This reflection comes from a homily Bishop Peter gave in Taradale on the First Sunday in Advent in 2018.
The beautiful season of Advent invites us to make our own the prophecies and prayers and poetry of the people of old in their longing for the promised Saviour. We tap into their ways of “looking forward to” his coming. In that way Christmas will mean more to us.
But it’s not just about remembering the past: Advent is also about looking forward to his Second coming. Here the language changes: in today’s Gospel (Mark 13:24-37) Jesus speaks of “signs in the sun and moon and stars” and turmoil and anguish. So what does this mean?
First of all, it is not a literal description of the end-time. The authors of scripture were not writing science. In fact, like everyone else in their day, their understandings were pre-scientific. When they had recourse to apocalyptic language it was precisely because what happens at the end of time exceeds all human understanding. There is no language for it.
The dramatic language of turmoil is justified by the need to draw our attention to a radical disjunction between life as we presently know it and the wonderful future God has in store for us. But this disjunction is between an existence lived within time and an existence outside of time. This is why we are warned not to cling to the present forms of life, because they will pass away.
The disjunction is not a dualistic disjunction between creation itself and ‘heaven’ or ‘salvation’. We do not live on the planet as if on a stage, waiting for our turn to be taken off, and leaving the universe to eventually become some sort of eternal dust bin – that would fall short of what we know about God’s love for all creation and God’s immersion in human history. St Paul tells us the whole of creation is “in travail” – in a struggle to be born, to become what eventually it will be through union with the Risen Christ. In him creation is already made new; through belonging to him we belong to it.
We are part of the universe; our lives are part of its life. It started as gases, which eventually became the physical components of the planets. Much later, life emerged, and later still, consciousness. That’s us! In us the universe attained consciousness; in us the cosmos awakens to its own meaning, and in us it gives thanks for its existence.

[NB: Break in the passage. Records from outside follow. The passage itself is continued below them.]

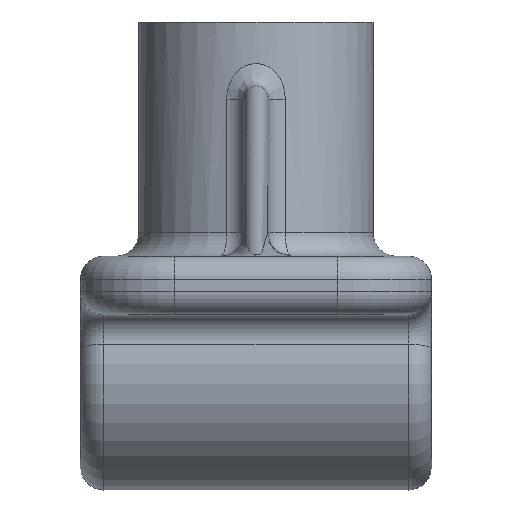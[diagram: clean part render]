
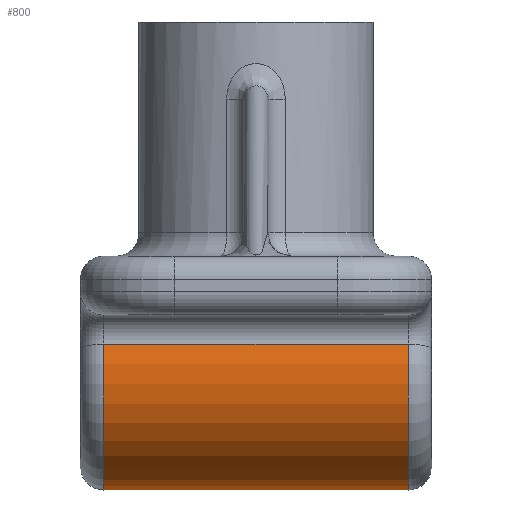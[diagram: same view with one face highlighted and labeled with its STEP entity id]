
A CAD part, left-side view. The second image highlights one B-rep face of the part: STEP entity #800.
In plain terms, the highlighted cylindrical face has radius 10 mm (diameter 20 mm), a partial arc.
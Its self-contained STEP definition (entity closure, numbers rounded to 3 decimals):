
#51=LINE('',#1356,#96);
#53=LINE('',#1365,#98);
#96=VECTOR('',#1077,10.);
#98=VECTOR('',#1093,10.);
#138=CYLINDRICAL_SURFACE('',#908,10.);
#177=FACE_OUTER_BOUND('',#233,.T.);
#233=EDGE_LOOP('',(#629,#630,#631,#632));
#299=CIRCLE('',#893,10.);
#301=CIRCLE('',#896,10.);
#339=VERTEX_POINT('',#1270);
#341=VERTEX_POINT('',#1275);
#353=VERTEX_POINT('',#1311);
#359=VERTEX_POINT('',#1324);
#449=EDGE_CURVE('',#353,#359,#51,.T.);
#451=EDGE_CURVE('',#359,#341,#299,.T.);
#453=EDGE_CURVE('',#339,#353,#301,.T.);
#455=EDGE_CURVE('',#341,#339,#53,.T.);
#629=ORIENTED_EDGE('',*,*,#449,.F.);
#630=ORIENTED_EDGE('',*,*,#453,.F.);
#631=ORIENTED_EDGE('',*,*,#455,.F.);
#632=ORIENTED_EDGE('',*,*,#451,.F.);
#800=ADVANCED_FACE('',(#177),#138,.T.);
#893=AXIS2_PLACEMENT_3D('',#1359,#1082,#1083);
#896=AXIS2_PLACEMENT_3D('',#1362,#1088,#1089);
#908=AXIS2_PLACEMENT_3D('',#1390,#1121,#1122);
#1077=DIRECTION('',(0.,1.,0.));
#1082=DIRECTION('center_axis',(0.,1.,0.));
#1083=DIRECTION('ref_axis',(0.,0.,-1.));
#1088=DIRECTION('center_axis',(0.,-1.,0.));
#1089=DIRECTION('ref_axis',(0.,0.,-1.));
#1093=DIRECTION('',(0.,-1.,0.));
#1121=DIRECTION('center_axis',(0.,1.,0.));
#1122=DIRECTION('ref_axis',(0.,0.,-1.));
#1270=CARTESIAN_POINT('',(20.318,12.,-2.5));
#1275=CARTESIAN_POINT('',(20.318,38.,-2.5));
#1311=CARTESIAN_POINT('',(39.682,12.,-2.5));
#1324=CARTESIAN_POINT('',(39.682,38.,-2.5));
#1356=CARTESIAN_POINT('',(39.682,25.,-2.5));
#1359=CARTESIAN_POINT('Origin',(30.,38.,-5.));
#1362=CARTESIAN_POINT('Origin',(30.,12.,-5.));
#1365=CARTESIAN_POINT('',(20.318,25.,-2.5));
#1390=CARTESIAN_POINT('Origin',(30.,25.,-5.));

Its thanksgiving reaches a climax in the celebration of Eucharist: “In the Eucharist, the whole cosmos gives thanks to God. The Eucharist is itself an act of cosmic love.” (Pope Francis, LS 236). “Even when the Eucharist is celebrated on the humble altar of a country church, it is always in some way celebrated on the altar of the world. It unites Heaven and earth. It embraces and permeates all creation” (Pope John Paul II, Eccl. De Eucharistia, 8).
The “new creation” can only be of God’s making – just as Jesus’ resurrection was God’s doing. But God has chosen to work in and through us, enabling us to participate in what God is doing. This means that our own expressions of love and compassion contribute to what the fully redeemed universe will look like. No sacrifice for what is good or true or right or beautiful is ever wasted. Or, as the Council put it: “all the good fruits of human nature and of human enterprise, we shall find again, cleansed and transfigured” (GS 39). Nothing precious to us is ever lost.
The first generation of Christians so much looked forward to his coming again, and prayed that it would be soon! What has happened to us that we don’t? Is this season of Advent a time to rediscover why Jesus meant so much to them, why they loved him, and longed for his coming again?